Monday, May 05, 2008

P.O.D.

Yesterday, as we will be from now on in perpetuity I hope, we had our Mass at the village hovel and it was lovely as always. The priest who says the Mass for us is one of those sturdy and determined missionary types who has a full time and very busy position in a school on the continent and spends his weekends driving all over the northern end of Britain to make sure the sacraments are regularly available to us poor starving British Catholics who can no longer stomach the Novusordinariness with which we are surrounded. He is, in short, one of those heroes of the Faith who won't be known to the wider Church until all truth is revealed on the Last Day.

Yesterday, however, we were starting to worry about him. The weather was awful, pouring rain, and he had to drive down on a bank holiday weekend from Preston. The papers had been full of dire warnings about the wretchedness of traffic this weekend given that, yet again, the trains were going to be mostly non-functional (Hurrah for Blair's Britain). The Mass was scheduled to start at 12:15 and I showed up just barely in time, but there was no need to have hurried.

After half an hour, one of the local parishioners announced that things were going to be a little delayed because, well, there was no priest yet.

Waited some more.

Waited...

Then I just couldn't sit in those wretched little chairs any longer (those who suffer in similar ecclesiastical circumstances will recognise the description of the little raffia-seated wooden seatlets designed to ensure that no one attending Mass in them is tempted to stay and meditate on the Mysteries afterward.
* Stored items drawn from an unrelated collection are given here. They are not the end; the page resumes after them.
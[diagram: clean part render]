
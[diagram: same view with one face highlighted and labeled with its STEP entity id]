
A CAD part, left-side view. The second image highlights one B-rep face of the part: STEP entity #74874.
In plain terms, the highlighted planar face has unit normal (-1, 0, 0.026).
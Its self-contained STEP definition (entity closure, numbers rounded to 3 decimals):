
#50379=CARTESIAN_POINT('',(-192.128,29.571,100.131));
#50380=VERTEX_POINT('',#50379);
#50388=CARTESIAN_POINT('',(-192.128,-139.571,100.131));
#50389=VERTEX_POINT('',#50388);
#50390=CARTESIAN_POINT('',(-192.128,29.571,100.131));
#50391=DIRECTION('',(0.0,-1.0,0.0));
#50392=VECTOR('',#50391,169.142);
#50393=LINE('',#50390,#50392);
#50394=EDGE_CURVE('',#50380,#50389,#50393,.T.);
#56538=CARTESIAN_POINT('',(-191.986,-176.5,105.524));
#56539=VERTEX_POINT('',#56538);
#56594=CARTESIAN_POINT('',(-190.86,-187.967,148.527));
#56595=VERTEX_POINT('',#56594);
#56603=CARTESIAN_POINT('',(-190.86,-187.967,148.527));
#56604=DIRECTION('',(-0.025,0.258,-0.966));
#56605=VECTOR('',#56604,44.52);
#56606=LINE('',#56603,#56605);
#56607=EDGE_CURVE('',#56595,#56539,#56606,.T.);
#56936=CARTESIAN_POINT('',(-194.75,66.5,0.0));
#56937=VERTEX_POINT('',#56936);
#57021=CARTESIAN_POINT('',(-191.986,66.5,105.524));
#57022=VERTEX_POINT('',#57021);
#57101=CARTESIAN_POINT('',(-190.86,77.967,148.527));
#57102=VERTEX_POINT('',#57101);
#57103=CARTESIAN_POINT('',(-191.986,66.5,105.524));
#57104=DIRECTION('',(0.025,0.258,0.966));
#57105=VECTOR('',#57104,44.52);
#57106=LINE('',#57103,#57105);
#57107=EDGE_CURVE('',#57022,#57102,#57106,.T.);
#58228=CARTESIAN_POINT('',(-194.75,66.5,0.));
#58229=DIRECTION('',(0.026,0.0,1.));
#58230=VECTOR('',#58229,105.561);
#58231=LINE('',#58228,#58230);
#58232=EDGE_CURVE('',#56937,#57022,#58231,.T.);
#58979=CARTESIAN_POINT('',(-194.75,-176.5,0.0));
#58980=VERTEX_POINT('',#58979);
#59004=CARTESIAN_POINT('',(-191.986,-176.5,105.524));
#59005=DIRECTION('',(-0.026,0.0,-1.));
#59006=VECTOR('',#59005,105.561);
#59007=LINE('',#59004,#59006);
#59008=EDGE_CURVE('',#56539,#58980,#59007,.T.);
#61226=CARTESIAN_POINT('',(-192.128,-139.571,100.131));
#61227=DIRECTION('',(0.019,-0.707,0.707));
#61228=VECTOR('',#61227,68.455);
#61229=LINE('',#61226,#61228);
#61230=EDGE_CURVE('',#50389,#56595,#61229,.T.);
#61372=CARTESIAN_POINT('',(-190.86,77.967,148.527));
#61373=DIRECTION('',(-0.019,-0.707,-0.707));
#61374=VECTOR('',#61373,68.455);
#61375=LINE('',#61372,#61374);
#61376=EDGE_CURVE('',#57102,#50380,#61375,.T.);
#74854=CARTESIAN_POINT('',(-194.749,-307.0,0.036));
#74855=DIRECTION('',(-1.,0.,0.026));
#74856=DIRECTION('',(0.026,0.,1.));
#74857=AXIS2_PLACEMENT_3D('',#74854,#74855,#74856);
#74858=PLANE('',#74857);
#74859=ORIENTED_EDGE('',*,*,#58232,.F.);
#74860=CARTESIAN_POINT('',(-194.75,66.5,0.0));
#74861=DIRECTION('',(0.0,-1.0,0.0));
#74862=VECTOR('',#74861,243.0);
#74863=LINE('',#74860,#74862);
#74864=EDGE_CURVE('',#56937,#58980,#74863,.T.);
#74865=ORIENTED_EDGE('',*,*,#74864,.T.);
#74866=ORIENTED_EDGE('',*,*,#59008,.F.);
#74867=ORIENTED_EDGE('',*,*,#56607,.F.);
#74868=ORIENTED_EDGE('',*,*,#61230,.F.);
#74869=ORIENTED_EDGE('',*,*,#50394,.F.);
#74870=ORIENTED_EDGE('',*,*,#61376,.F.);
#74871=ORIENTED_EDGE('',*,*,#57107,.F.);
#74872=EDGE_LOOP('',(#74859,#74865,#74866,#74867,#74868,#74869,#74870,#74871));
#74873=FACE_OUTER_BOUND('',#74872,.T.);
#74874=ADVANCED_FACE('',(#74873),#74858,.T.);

They are the favourite furnishing of places built in the Golden Era of NovusOrdo hovel-building c. 1965-75.)

I went outside and waited with a couple of others in the pelting rain. We stood, chatted, peered down the road in both directions, joined occasionally by the altar boys in cassock and surplice, giving the little old lady across the way something interesting to gossip about. We called Father's mobile number several times, getting his French answering service.

Still no priest.

But I was perfectly content to stand about under the brolly, pass the time of day with the choir master and altar boys, listen to the birds twittering and the newly sprouted leaves fluttering in the damp wind.

Just as we were thinking of calling it off for the day, he rounded the corner, with the somewhat thunderous look of a man who had spent at least an hour in a traffic jam.

I beat a hasty retreat into the hovel where I found the Rosary in progress. They were just beginning the fourth decade of the Glorious mysteries as I sat down, automatically mouthing the responses.

It is a good job that getting to heaven has more to do with the grace and mercy of God than with our own level of religious fervour because it occurred to me that I am simply not terribly devout. There I had been, chatting and doing a little light socializing when the church was full of praying parishioners imploring the mercy of God, praying our heroic priest got there in one piece, for an end to abortion, for the conversion of Britain, for the restoration of the Church, for all manner of worthy intentions. But all I felt, truth to tell, was equal parts guilt and relief that I had missed the Rosary, a devotional practice for which I have little enthusiasm.

One of the things I am most grateful for is the free ride we get from God. It is one of the things that makes me think the Catholic religion is the true one: God knows our weaknesses and His Church, like a good mother, gives us what we need whether we deserve it or not. It is a good thing indeed that God has mercy on the less-than-devout, the lackadaisical, the inattentive, the bored, the half-hearted. Or even the cranky, the anti-social and the curmudgeonly. And it is also good to remember that just because a person is a "trad" doesn't make him necessarily devout or a "good Catholic".

Father arrived, the Mass proceeded about an hour behind schedule, and, when my mind was not wandering off to attend to profane trivialities, I tried to remember to thank God for bringing me to the Faith, for showing me the value of Tradition, and for having mercy on a wretched, inattentive, half-hearted sinner.

7 comments:

Mark S. Abeln said...

I used to have a problem with saying the Rosary (having been raised Protestant) until I was given a penance of 40 Credos, 240 Paters, 2120 Aves, and 240 Glorias, in other words, saying 5 decades of the Rosary each of 40 days.

I'm sure that the next time I go confess to that same priest, I'll have a penance of walking to Jerusalem and back on my knees, a tough thing to do when starting in North America.

Hilary Jane Margaret White said...

Yikes! Even the Oratorians only give you three hail mary's

What did you do? Blow up a busload of nuns?

Anonymous said...

Hilary, I'm disappointed that you didn't offer to lead a Liturgy of the Word with Holy Communion.

Anonymous said...

I'm terribly unqualified. Don't know how to tap dance.

Mark S. Abeln said...

My sin, according to the world, wasn't serious! But this priest is an excellent spiritual advisor, who almost seems as though he could read my mind. He definitely found fault with my lackluster prayer life, hence the penance to say the Rosary daily.

Anonymous said...

that would put me right off confession.

Mark S. Abeln said...

I'm sure. My regular parish penances range from one to five Aves.